All qualified workers will be given the opportunity to work on the project, starting with local residents, Indigenous workers and underrepresented groups such as women in the trades.

Yes, workers who are on the job for 30 days will be covered by a union contract for the duration of the project, and that is in order to ensure they are paid union wages, receive union benefits and have access to union training and safety programs.

Union membership ensures workers doing the same job at the same level get the same wage, and that’s fair. Furthermore, union coverage cannot be used as an organizing tool. Non-union contractors working on the project remain non-union throughout and upon completion of the project.

Critics of CBAs always turn to the Vancouver Island Highway project, which was built under a Project Labour Agreement (PLA), as evidence that CBAs do not work.

They cite an old Vancouver Board of Trade (VBT) paper written in 1994, six years before the Island Highway was even finished. The VBT report was hyperbole, pure and simple. It projected the PLA would increase costs when in fact the B.C. auditor general found the project to be “good value for money spent.”

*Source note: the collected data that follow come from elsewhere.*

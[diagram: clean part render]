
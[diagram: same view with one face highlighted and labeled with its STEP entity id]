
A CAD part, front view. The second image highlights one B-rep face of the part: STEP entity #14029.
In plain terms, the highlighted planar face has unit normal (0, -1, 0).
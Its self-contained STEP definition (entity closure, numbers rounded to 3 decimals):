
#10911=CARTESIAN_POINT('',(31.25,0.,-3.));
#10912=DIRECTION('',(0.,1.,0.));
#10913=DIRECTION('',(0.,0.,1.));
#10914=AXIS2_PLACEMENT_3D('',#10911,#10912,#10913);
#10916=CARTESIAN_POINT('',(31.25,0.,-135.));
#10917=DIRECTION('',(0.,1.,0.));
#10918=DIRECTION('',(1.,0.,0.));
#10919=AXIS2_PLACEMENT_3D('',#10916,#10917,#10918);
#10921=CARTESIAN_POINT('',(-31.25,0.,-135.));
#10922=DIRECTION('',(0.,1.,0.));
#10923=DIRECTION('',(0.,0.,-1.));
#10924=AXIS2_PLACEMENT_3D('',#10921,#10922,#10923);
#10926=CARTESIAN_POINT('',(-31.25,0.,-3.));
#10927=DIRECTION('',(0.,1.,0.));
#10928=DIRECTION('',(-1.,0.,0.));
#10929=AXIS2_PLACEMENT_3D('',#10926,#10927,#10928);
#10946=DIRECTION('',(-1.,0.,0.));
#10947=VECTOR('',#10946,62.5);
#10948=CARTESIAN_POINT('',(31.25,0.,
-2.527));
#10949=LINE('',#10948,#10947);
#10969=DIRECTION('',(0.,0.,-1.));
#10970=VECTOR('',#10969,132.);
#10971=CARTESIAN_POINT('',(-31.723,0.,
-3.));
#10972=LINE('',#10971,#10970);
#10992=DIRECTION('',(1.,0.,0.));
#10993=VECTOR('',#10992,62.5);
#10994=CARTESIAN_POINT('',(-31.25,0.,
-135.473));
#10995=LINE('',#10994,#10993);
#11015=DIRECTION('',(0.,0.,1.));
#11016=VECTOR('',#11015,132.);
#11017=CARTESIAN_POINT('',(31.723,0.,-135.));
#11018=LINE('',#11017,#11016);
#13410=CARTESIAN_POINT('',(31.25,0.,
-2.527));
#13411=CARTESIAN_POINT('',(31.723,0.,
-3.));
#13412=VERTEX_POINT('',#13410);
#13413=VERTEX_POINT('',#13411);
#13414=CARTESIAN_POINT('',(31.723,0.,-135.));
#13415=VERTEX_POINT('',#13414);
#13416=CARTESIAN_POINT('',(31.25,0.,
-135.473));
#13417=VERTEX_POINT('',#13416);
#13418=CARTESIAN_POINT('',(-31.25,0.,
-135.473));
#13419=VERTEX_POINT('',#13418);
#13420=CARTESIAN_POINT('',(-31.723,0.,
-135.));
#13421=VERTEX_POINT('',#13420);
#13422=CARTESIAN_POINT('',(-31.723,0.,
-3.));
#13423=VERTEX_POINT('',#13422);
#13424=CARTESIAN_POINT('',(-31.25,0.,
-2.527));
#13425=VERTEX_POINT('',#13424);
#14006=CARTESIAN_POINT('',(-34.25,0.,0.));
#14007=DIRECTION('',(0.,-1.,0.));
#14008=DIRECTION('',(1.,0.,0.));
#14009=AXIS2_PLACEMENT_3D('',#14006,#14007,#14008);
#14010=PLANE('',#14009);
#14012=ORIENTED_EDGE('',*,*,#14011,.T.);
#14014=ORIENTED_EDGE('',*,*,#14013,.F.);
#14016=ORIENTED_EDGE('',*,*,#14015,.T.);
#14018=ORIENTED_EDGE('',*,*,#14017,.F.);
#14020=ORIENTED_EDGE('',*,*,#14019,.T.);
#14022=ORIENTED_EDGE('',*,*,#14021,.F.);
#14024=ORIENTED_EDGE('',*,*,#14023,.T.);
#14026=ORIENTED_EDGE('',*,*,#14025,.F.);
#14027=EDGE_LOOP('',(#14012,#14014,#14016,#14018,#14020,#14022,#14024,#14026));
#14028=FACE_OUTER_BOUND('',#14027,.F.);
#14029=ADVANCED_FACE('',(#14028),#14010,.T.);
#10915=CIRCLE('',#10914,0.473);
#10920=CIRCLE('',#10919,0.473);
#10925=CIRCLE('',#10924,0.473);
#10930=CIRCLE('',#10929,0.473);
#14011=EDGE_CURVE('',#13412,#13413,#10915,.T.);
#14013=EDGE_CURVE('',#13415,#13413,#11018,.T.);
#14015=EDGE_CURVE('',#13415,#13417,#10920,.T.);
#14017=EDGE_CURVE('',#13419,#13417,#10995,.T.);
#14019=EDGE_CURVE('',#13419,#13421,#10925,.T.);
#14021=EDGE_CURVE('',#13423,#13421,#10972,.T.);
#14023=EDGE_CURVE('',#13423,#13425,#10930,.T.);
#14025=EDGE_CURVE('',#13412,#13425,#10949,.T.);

While we’re on the topic of the Island Highway, it’s worth noting that bid competition increased from an average of 3.7 bids on traditional tendering to over six bids on the Island Highway. That certainly challenges the notion that these sorts of construction frameworks reduce competition.

And in terms of increased costs, well, it can’t get much worse than the low-bid, open-shop construction model the BC Liberals have favoured for the past 16 years.

The B.C. portion of the Evergreen line was budgeted at $410 million; final cost was $586 million, representing a 43 per cent increase.

The South Fraser Perimeter Road was budgeted at $635 million; final cost to us was $899 million, representing a 42 per cent increase.

The Vancouver Convention Centre was budgeted at $495 million; final cost to us was $841 million, representing a whopping 70 per cent increase.

And the Port Mann Bridge was budgeted at $2.3398 billion; final cost to us was $3.3 billion, representing a 41 per cent increase.

You don’t have to take my word for the advantages of CBAs as a public construction framework — not when there is so much academic research already out there.

UC Berkeley looked at PLAs and bidding outcomes in the case of college construction in California and found that “PLAs do not reduce the number of bidders nor do they raise costs.”

That’s why companies in California are turning to these agreements on major projects, like the $14 billion modernization project at Los Angeles Airport.

Then there is the report prepared for the Institute of Fiscal Studies and Democracy at the University of Ottawa, which found that CBAs provide a unique opportunity to “do double and even triple duty generating economic, social and human capital while improving environmental outcomes.”

And just this month, a new report examining Minnesota’s prevailing wage law and its impact on construction costs found that prevailing wages keep construction costs stable, boost the economy, and that state’s Prevailing Wage Act “is the best deal for taxpayers.”

CBAs build stronger communities. Those are the facts and that is for the record.